TO DO:
In the records below, find the line containing "for name, color, linetype in" and the line containing "doc.layers.add(name, color=color, linetype=linetype)"; please repeat exactly the lines from one to the other, both included, and nothing more.

(Saved data entries)
■ ■ ■ ■

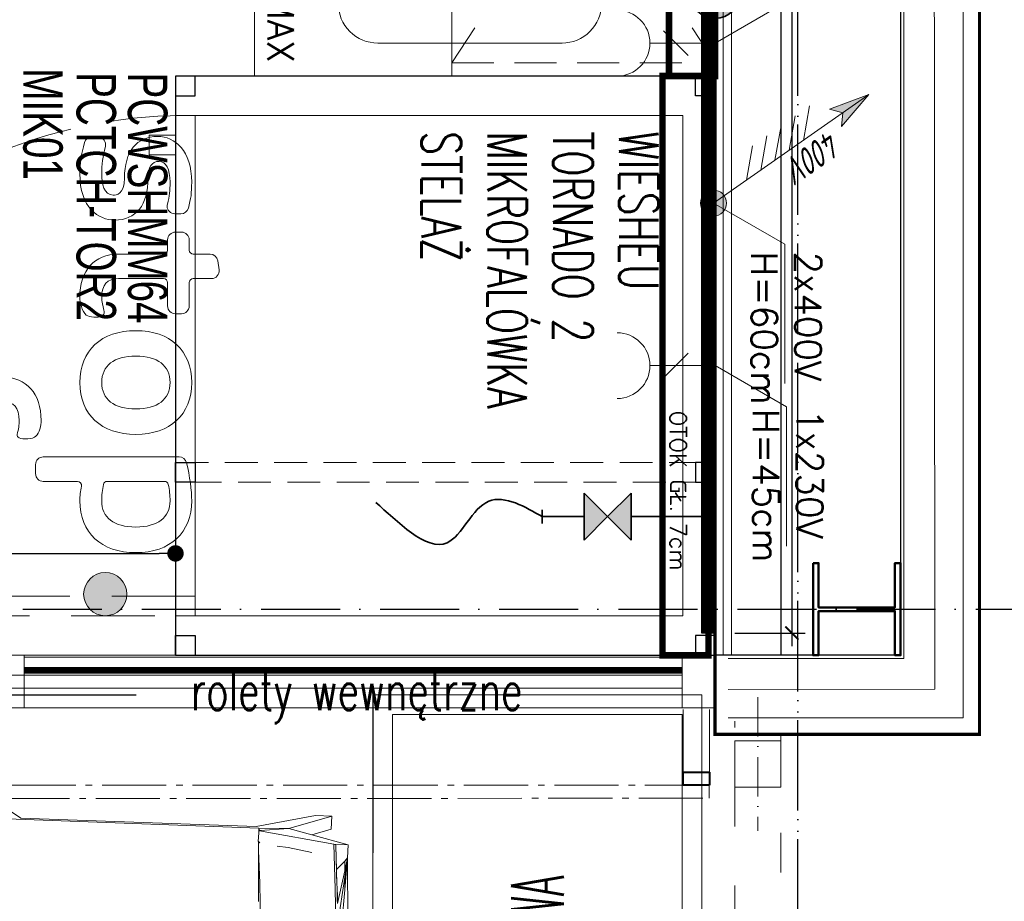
# Model space of a CAD drawing. Header units: metres. Extents: x 5541655 to 5588333, y 5589641 to 5627331.
# Tile 12 of 57: x 5585832 to 5585981, y 5625329 to 5625463. Entities that reach past the tile are written whole.
import ezdxf
from ezdxf.enums import TextEntityAlignment as Align

# ---------------------------------------------------------------- set-up
doc = ezdxf.new("R2010")
doc.units = ezdxf.units.M
doc.header["$MEASUREMENT"] = 0
for name, pattern in [('ACAD_ISO03W100', [30, 12, -18]), ('ACAD_ISO10W100', [18, 12, -3, 0, -3]), ('AM_DIN_G_W050', [13.75, 9.75, -1.5, 1, -1.5]), ('DASHED', [19.05, 12.7, -6.35]), ('DASHED2', [0.375, 0.25, -0.125])]:
    doc.linetypes.add(name, pattern=pattern)
doc.layers.get('0').update_dxf_attribs({"linetype": 'CONTINUOUS', "lineweight": 18})
doc.layers.get('Defpoints').update_dxf_attribs({"linetype": 'CONTINUOUS'})
for name, color, linetype in [('2D- Siatka Modularna', 7, 'ACAD_ISO10W100'), ('Budowlane - Sciany Wew', 7, 'CONTINUOUS'), ('Indeksy_urządzeń_gastronomicznych', 242, 'CONTINUOUS'), ('Otok drewniany', 42, 'CONTINUOUS'), ('struktura', 7, 'CONTINUOUS'), ('Warstwa 1', 7, 'CONTINUOUS'), ('Ściany', 51, 'CONTINUOUS')]:
    doc.layers.add(name, color=color, linetype=linetype)
for name, color, linetype, lineweight in [('_E+E_ŻALUZJE', 34, 'AM_DIN_G_W050', 18), ('a___cienka___0.15', 10, 'CONTINUOUS', 15), ('a___ocieplenie', 214, 'BATTING', 5), ('CHLODNICTWO', 94, 'CONTINUOUS', 20), ('drzwi', 30, 'CONTINUOUS', 20), ('Instalacje elektryczne', 1, 'CONTINUOUS', 20), ('Instalacje Wod-Kan', 92, 'CONTINUOUS', 35), ('MDCP', 7, 'CONTINUOUS', 18), ('MEBLE PKN', 150, 'CONTINUOUS', 20), ('URZADZENIA GASTRO', 242, 'CONTINUOUS', 20), ('WYMIARY WEW', 251, 'CONTINUOUS', 13)]:
    doc.layers.add(name, color=color, linetype=linetype, lineweight=lineweight)
doc.layers.add('a___przekrojowa___0.5', color=7, linetype='CONTINUOUS', lineweight=50, true_color=0x000000)
doc.layers.add('powierzchnie', color=7, linetype='CONTINUOUS', true_color=0xe090c4)
doc.styles.add('Arch-Dim', font='romans.shx', dxfattribs={"width": 0.75})
doc.styles.add('cebart', font='isocpeur.ttf', dxfattribs={"width": 0.7, "oblique": 15, "height": 10})
doc.styles.add('JACEK_07', font='SIMPLEX.SHX', dxfattribs={"width": 0.7})
doc.styles.add('PL_D50', font='GOTHIC.TTF', dxfattribs={"height": 10})
doc.styles.add('RomanS', font='romans.shx')
doc.styles.get("Standard").update_dxf_attribs({"font": 'simplex.shx'})
doc.linetypes.add('BATTING', pattern='A,0.0001,-0.1,[134,ltypeshp.shx,S=0.1,R=0,X=-0.1,Y=0],-0.2,[134,ltypeshp.shx,S=0.1,R=180,X=0.1,Y=0],-0.1', length=0.4001)
doc.dimstyles.new('PLANCO D50', dxfattribs={"dimscale": 0.5, "dimtxt": 10, "dimasz": 5, "dimexe": 10, "dimexo": 15, "dimgap": 5, "dimtad": 1, "dimdec": 0, "dimrnd": 0.5, "dimzin": 12, "dimtxsty": 'PL_D50', "dimblk": 'DOT', "dimcen": 1.25, "dimadec": 0, "dimazin": 0, "dimtfac": 1, "dimtdec": 0, "dimtmove": 1, "dimatfit": 3, "dimldrblk": 'DOT', "dimfxl": 10, "dimfxlon": 1, "dimarcsym": 0})
doc.dimstyles.new('wymiary 10', dxfattribs={"dimscale": 2, "dimtxt": 2.5, "dimasz": 1, "dimexe": 1, "dimexo": 2.5, "dimgap": 0.25, "dimtad": 1, "dimdec": 1, "dimzin": 9, "dimtxsty": 'Arch-Dim', "dimblk": 'ARCHTICK', "dimcen": 1, "dimdle": 1, "dimclrd": 256, "dimclre": 256, "dimclrt": 256, "dimadec": 0, "dimazin": 0, "dimtfac": 1, "dimtdec": 1, "dimtofl": 0, "dimtmove": 1, "dimatfit": 3, "dimldrblk": 'NONE', "dimfxl": 1, "dimtolj": 1, "dimtzin": 0, "dimarcsym": 0})

# ---------------------------------------------------------------- blocks, each defined once
blk = doc.blocks.new('Woda_zimna')
blk.add_hatch(color=256).paths.add_polyline_path([(0, 3.75, -0.414214), (3.75, 0), (-3.75, 0, -0.414214)])
for p, q in [((0, -7.5), (0, 7.5)), ((7.5, 0), (-7.5, 0))]:
    blk.add_line(p, q)
blk.add_circle((0, 0), 3.75)
blk = doc.blocks.new('gn-230')
at = {"layer": 'Instalacje elektryczne'}
for p, q in [((-15.65, -3.75), (-8.15, 3.75)), ((-4, 0), (-19.8, 0))]:
    blk.add_line(p, q, dxfattribs=at)
at = {"layer": 'Instalacje elektryczne', "lineweight": 30}
blk.add_lwpolyline([(-4, -4), (0, -4), (0, 4), (-4, 4)], close=True, dxfattribs=at)
at = {"layer": 'Instalacje elektryczne'}
blk.add_arc((-29.8, 0), 10, 270, 90, dxfattribs=at)
blk = doc.blocks.new('*U352')
blk.add_lwpolyline([(0, 0), (135, 0), (135, -70), (0, -70), (0, 0)])
blk.add_lwpolyline([(106, -17.26), (124, -17.26, -0.414214), (130, -23.26), (130, -51.26, -0.414214), (124, -57.26), (106, -57.26, -0.414214), (100, -51.26), (100, -23.26, -0.414214)], format="xyb", close=True)
at = {"layer": 'Instalacje elektryczne'}
blk.add_lwpolyline([(130, 0), (123.75, 10.83), (102.58, 10.83)], dxfattribs=at)
at = {"layer": 'Instalacje elektryczne', "xscale": -0.5, "yscale": 0.5, "zscale": 0.5, "rotation": 270}
blk.add_blockref('gn-230', (130, 0), dxfattribs=at)
at = {"layer": 'Instalacje Wod-Kan', "rotation": 270}
blk.add_blockref('Woda_zimna', (122.5, 0), dxfattribs=at)
at = {"insert": (133, -68), "char_height": 4, "width": 172.3315, "attachment_point": 9, "style": 'RomanS'}
blk.add_mtext('GASTROMAX', dxfattribs=at)
at = {"layer": 'Indeksy_urządzeń_gastronomicznych', "color": 242, "insert": (116.45, -27.84), "char_height": 6, "width": 20.4806, "attachment_point": 5, "style": 'JACEK_07'}
blk.add_mtext('\\pxql;{\\fArial|b0|i0|c238|p34;BTU01}', dxfattribs=at)
blk = doc.blocks.new('_Dot')
at = {"color": 0, "linetype": 'ByBlock', "lineweight": -2}
blk.add_line((-0.5, 0), (-1, 0), dxfattribs=at)
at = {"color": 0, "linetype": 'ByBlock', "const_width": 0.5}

■ ■ ■ ■

SOLUTION TO THIS TASK:
for name, color, linetype in [('2D- Siatka Modularna', 7, 'ACAD_ISO10W100'), ('Budowlane - Sciany Wew', 7, 'CONTINUOUS'), ('Indeksy_urządzeń_gastronomicznych', 242, 'CONTINUOUS'), ('Otok drewniany', 42, 'CONTINUOUS'), ('struktura', 7, 'CONTINUOUS'), ('Warstwa 1', 7, 'CONTINUOUS'), ('Ściany', 51, 'CONTINUOUS')]:
    doc.layers.add(name, color=color, linetype=linetype)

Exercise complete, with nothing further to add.